Work required:
Write out all the entries word for word, but skip any images.

*** Opening of Records to use ***

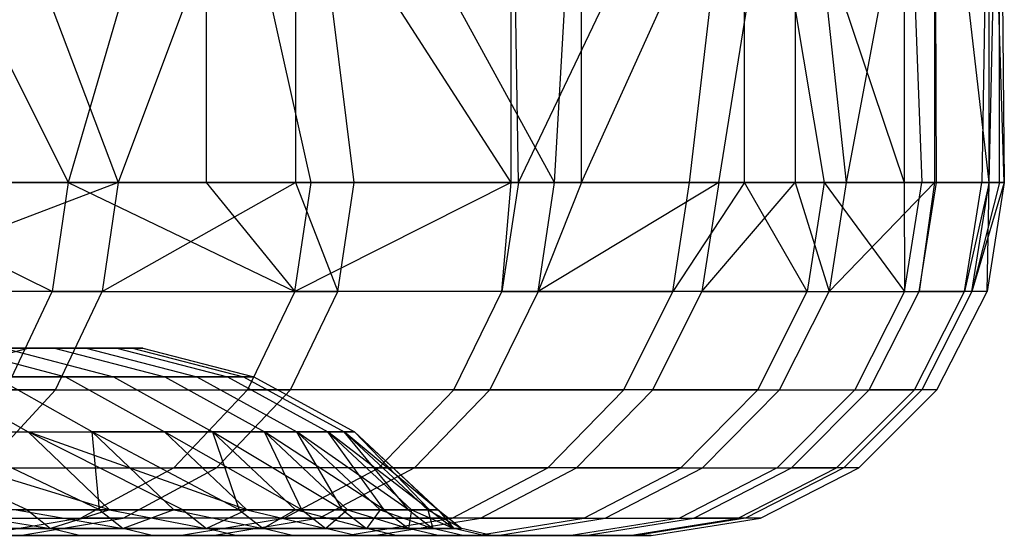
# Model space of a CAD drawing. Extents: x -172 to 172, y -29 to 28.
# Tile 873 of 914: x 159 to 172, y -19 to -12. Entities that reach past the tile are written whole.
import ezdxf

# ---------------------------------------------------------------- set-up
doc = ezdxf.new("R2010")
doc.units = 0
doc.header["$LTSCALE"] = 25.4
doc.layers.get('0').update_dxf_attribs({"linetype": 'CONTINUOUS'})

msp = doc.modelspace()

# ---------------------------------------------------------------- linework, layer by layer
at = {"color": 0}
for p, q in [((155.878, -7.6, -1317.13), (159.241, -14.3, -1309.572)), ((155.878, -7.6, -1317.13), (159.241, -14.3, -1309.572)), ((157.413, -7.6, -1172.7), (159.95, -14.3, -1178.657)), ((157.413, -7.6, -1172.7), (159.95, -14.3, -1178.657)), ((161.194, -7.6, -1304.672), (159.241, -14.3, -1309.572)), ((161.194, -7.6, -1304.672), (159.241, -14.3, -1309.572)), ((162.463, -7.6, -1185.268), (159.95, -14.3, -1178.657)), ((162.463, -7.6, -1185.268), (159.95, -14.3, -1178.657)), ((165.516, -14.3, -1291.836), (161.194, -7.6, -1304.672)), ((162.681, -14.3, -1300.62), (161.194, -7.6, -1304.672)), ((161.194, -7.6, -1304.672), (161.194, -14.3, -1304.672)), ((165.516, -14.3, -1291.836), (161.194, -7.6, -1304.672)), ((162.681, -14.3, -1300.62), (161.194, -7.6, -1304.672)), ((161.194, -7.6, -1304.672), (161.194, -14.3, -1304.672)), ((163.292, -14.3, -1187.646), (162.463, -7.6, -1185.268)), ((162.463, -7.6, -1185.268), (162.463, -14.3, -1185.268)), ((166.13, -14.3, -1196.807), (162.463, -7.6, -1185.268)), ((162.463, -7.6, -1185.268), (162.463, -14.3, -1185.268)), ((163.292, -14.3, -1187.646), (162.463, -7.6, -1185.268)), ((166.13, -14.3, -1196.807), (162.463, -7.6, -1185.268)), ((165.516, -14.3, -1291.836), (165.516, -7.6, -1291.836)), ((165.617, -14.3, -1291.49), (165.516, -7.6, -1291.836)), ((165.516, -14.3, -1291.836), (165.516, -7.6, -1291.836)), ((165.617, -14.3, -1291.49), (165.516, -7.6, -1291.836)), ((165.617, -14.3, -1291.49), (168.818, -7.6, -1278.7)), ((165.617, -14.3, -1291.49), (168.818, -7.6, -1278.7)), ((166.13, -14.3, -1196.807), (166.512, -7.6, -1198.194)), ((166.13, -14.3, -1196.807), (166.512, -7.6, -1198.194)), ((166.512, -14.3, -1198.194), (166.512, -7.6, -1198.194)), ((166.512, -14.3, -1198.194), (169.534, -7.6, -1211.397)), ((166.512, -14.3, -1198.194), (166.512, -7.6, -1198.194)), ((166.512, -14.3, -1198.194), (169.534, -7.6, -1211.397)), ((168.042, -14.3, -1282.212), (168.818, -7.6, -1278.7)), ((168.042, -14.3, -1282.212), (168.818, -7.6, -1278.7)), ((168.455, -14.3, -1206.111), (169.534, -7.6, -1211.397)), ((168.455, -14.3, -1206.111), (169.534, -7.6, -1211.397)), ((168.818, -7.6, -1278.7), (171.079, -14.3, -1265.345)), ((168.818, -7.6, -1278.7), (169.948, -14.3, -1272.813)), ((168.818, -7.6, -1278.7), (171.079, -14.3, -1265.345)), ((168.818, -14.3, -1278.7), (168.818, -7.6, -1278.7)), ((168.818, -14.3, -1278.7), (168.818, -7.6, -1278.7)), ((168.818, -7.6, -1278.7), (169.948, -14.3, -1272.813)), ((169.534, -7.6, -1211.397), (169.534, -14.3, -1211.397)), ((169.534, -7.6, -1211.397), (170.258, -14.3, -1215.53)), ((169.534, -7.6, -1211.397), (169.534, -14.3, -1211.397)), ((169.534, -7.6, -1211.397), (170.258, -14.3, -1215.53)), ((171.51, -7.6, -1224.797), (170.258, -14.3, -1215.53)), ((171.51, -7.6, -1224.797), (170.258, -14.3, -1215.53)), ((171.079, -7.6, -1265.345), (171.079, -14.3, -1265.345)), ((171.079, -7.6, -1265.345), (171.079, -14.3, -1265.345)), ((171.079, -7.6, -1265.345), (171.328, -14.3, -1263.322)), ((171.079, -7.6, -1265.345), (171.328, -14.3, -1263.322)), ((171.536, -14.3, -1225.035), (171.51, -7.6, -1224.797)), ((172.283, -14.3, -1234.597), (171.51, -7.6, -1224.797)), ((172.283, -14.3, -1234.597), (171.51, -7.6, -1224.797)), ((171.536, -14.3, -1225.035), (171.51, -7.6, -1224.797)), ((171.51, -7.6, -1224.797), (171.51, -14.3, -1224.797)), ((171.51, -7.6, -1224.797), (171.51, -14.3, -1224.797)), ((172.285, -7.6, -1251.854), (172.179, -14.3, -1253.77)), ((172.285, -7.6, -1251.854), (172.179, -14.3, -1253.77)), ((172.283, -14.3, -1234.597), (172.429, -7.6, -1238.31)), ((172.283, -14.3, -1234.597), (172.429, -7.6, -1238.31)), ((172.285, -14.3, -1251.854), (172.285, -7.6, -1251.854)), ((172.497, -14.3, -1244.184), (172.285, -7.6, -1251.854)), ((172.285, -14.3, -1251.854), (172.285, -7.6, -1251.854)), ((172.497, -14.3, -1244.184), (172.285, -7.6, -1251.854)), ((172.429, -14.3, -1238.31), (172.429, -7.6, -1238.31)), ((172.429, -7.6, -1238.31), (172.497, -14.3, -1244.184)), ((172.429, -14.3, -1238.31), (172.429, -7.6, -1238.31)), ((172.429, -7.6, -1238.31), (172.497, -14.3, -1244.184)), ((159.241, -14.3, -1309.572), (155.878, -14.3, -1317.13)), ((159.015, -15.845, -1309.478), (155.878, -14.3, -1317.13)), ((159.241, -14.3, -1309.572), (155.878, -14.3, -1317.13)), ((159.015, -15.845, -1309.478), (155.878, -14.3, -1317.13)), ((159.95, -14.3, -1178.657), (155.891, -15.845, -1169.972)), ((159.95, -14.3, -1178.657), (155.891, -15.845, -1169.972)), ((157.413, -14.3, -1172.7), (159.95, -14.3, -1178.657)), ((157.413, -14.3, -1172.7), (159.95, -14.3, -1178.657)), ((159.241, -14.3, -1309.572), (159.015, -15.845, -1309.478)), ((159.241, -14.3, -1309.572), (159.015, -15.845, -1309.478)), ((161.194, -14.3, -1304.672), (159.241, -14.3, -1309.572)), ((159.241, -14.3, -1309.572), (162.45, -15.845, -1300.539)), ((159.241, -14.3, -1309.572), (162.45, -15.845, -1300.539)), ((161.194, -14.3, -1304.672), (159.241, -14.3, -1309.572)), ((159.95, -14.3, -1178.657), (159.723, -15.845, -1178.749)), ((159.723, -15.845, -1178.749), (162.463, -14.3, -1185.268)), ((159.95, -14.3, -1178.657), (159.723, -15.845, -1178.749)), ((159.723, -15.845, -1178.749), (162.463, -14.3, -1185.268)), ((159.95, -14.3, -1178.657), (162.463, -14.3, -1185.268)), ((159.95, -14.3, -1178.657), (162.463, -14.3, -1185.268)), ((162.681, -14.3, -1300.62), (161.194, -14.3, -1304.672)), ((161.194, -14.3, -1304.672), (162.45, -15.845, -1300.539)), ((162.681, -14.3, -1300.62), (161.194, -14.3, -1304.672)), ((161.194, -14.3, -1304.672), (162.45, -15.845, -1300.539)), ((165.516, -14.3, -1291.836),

*** Close of Records to use ***

Expected answer:
# Model space of a CAD drawing. Extents: x -172 to 172, y -29 to 28.
# Tile 873 of 914: x 159 to 172, y -19 to -12. Entities that reach past the tile are written whole.
import ezdxf

# ---------------------------------------------------------------- set-up
doc = ezdxf.new("R2010")
doc.units = 0
doc.header["$LTSCALE"] = 25.4
doc.layers.get('0').update_dxf_attribs({"linetype": 'CONTINUOUS'})

msp = doc.modelspace()

# ---------------------------------------------------------------- linework, layer by layer
at = {"color": 0}
for p, q in [((155.878, -7.6, -1317.13), (159.241, -14.3, -1309.572)), ((155.878, -7.6, -1317.13), (159.241, -14.3, -1309.572)), ((157.413, -7.6, -1172.7), (159.95, -14.3, -1178.657)), ((157.413, -7.6, -1172.7), (159.95, -14.3, -1178.657)), ((161.194, -7.6, -1304.672), (159.241, -14.3, -1309.572)), ((161.194, -7.6, -1304.672), (159.241, -14.3, -1309.572)), ((162.463, -7.6, -1185.268), (159.95, -14.3, -1178.657)), ((162.463, -7.6, -1185.268), (159.95, -14.3, -1178.657)), ((165.516, -14.3, -1291.836), (161.194, -7.6, -1304.672)), ((162.681, -14.3, -1300.62), (161.194, -7.6, -1304.672)), ((161.194, -7.6, -1304.672), (161.194, -14.3, -1304.672)), ((165.516, -14.3, -1291.836), (161.194, -7.6, -1304.672)), ((162.681, -14.3, -1300.62), (161.194, -7.6, -1304.672)), ((161.194, -7.6, -1304.672), (161.194, -14.3, -1304.672)), ((163.292, -14.3, -1187.646), (162.463, -7.6, -1185.268)), ((162.463, -7.6, -1185.268), (162.463, -14.3, -1185.268)), ((166.13, -14.3, -1196.807), (162.463, -7.6, -1185.268)), ((162.463, -7.6, -1185.268), (162.463, -14.3, -1185.268)), ((163.292, -14.3, -1187.646), (162.463, -7.6, -1185.268)), ((166.13, -14.3, -1196.807), (162.463, -7.6, -1185.268)), ((165.516, -14.3, -1291.836), (165.516, -7.6, -1291.836)), ((165.617, -14.3, -1291.49), (165.516, -7.6, -1291.836)), ((165.516, -14.3, -1291.836), (165.516, -7.6, -1291.836)), ((165.617, -14.3, -1291.49), (165.516, -7.6, -1291.836)), ((165.617, -14.3, -1291.49), (168.818, -7.6, -1278.7)), ((165.617, -14.3, -1291.49), (168.818, -7.6, -1278.7)), ((166.13, -14.3, -1196.807), (166.512, -7.6, -1198.194)), ((166.13, -14.3, -1196.807), (166.512, -7.6, -1198.194)), ((166.512, -14.3, -1198.194), (166.512, -7.6, -1198.194)), ((166.512, -14.3, -1198.194), (169.534, -7.6, -1211.397)), ((166.512, -14.3, -1198.194), (166.512, -7.6, -1198.194)), ((166.512, -14.3, -1198.194), (169.534, -7.6, -1211.397)), ((168.042, -14.3, -1282.212), (168.818, -7.6, -1278.7)), ((168.042, -14.3, -1282.212), (168.818, -7.6, -1278.7)), ((168.455, -14.3, -1206.111), (169.534, -7.6, -1211.397)), ((168.455, -14.3, -1206.111), (169.534, -7.6, -1211.397)), ((168.818, -7.6, -1278.7), (171.079, -14.3, -1265.345)), ((168.818, -7.6, -1278.7), (169.948, -14.3, -1272.813)), ((168.818, -7.6, -1278.7), (171.079, -14.3, -1265.345)), ((168.818, -14.3, -1278.7), (168.818, -7.6, -1278.7)), ((168.818, -14.3, -1278.7), (168.818, -7.6, -1278.7)), ((168.818, -7.6, -1278.7), (169.948, -14.3, -1272.813)), ((169.534, -7.6, -1211.397), (169.534, -14.3, -1211.397)), ((169.534, -7.6, -1211.397), (170.258, -14.3, -1215.53)), ((169.534, -7.6, -1211.397), (169.534, -14.3, -1211.397)), ((169.534, -7.6, -1211.397), (170.258, -14.3, -1215.53)), ((171.51, -7.6, -1224.797), (170.258, -14.3, -1215.53)), ((171.51, -7.6, -1224.797), (170.258, -14.3, -1215.53)), ((171.079, -7.6, -1265.345), (171.079, -14.3, -1265.345)), ((171.079, -7.6, -1265.345), (171.079, -14.3, -1265.345)), ((171.079, -7.6, -1265.345), (171.328, -14.3, -1263.322)), ((171.079, -7.6, -1265.345), (171.328, -14.3, -1263.322)), ((171.536, -14.3, -1225.035), (171.51, -7.6, -1224.797)), ((172.283, -14.3, -1234.597), (171.51, -7.6, -1224.797)), ((172.283, -14.3, -1234.597), (171.51, -7.6, -1224.797)), ((171.536, -14.3, -1225.035), (171.51, -7.6, -1224.797)), ((171.51, -7.6, -1224.797), (171.51, -14.3, -1224.797)), ((171.51, -7.6, -1224.797), (171.51, -14.3, -1224.797)), ((172.285, -7.6, -1251.854), (172.179, -14.3, -1253.77)), ((172.285, -7.6, -1251.854), (172.179, -14.3, -1253.77)), ((172.283, -14.3, -1234.597), (172.429, -7.6, -1238.31)), ((172.283, -14.3, -1234.597), (172.429, -7.6, -1238.31)), ((172.285, -14.3, -1251.854), (172.285, -7.6, -1251.854)), ((172.497, -14.3, -1244.184), (172.285, -7.6, -1251.854)), ((172.285, -14.3, -1251.854), (172.285, -7.6, -1251.854)), ((172.497, -14.3, -1244.184), (172.285, -7.6, -1251.854)), ((172.429, -14.3, -1238.31), (172.429, -7.6, -1238.31)), ((172.429, -7.6, -1238.31), (172.497, -14.3, -1244.184)), ((172.429, -14.3, -1238.31), (172.429, -7.6, -1238.31)), ((172.429, -7.6, -1238.31), (172.497, -14.3, -1244.184)), ((159.241, -14.3, -1309.572), (155.878, -14.3, -1317.13)), ((159.015, -15.845, -1309.478), (155.878, -14.3, -1317.13)), ((159.241, -14.3, -1309.572), (155.878, -14.3, -1317.13)), ((159.015, -15.845, -1309.478), (155.878, -14.3, -1317.13)), ((159.95, -14.3, -1178.657), (155.891, -15.845, -1169.972)), ((159.95, -14.3, -1178.657), (155.891, -15.845, -1169.972)), ((157.413, -14.3, -1172.7), (159.95, -14.3, -1178.657)), ((157.413, -14.3, -1172.7), (159.95, -14.3, -1178.657)), ((159.241, -14.3, -1309.572), (159.015, -15.845, -1309.478)), ((159.241, -14.3, -1309.572), (159.015, -15.845, -1309.478)), ((161.194, -14.3, -1304.672), (159.241, -14.3, -1309.572)), ((159.241, -14.3, -1309.572), (162.45, -15.845, -1300.539)), ((159.241, -14.3, -1309.572), (162.45, -15.845, -1300.539)), ((161.194, -14.3, -1304.672), (159.241, -14.3, -1309.572)), ((159.95, -14.3, -1178.657), (159.723, -15.845, -1178.749)), ((159.723, -15.845, -1178.749), (162.463, -14.3, -1185.268)), ((159.95, -14.3, -1178.657), (159.723, -15.845, -1178.749)), ((159.723, -15.845, -1178.749), (162.463, -14.3, -1185.268)), ((159.95, -14.3, -1178.657), (162.463, -14.3, -1185.268)), ((159.95, -14.3, -1178.657), (162.463, -14.3, -1185.268)), ((162.681, -14.3, -1300.62), (161.194, -14.3, -1304.672)), ((161.194, -14.3, -1304.672), (162.45, -15.845, -1300.539)), ((162.681, -14.3, -1300.62), (161.194, -14.3, -1304.672)), ((161.194, -14.3, -1304.672), (162.45, -15.845, -1300.539)), ((165.516, -14.3, -1291.836),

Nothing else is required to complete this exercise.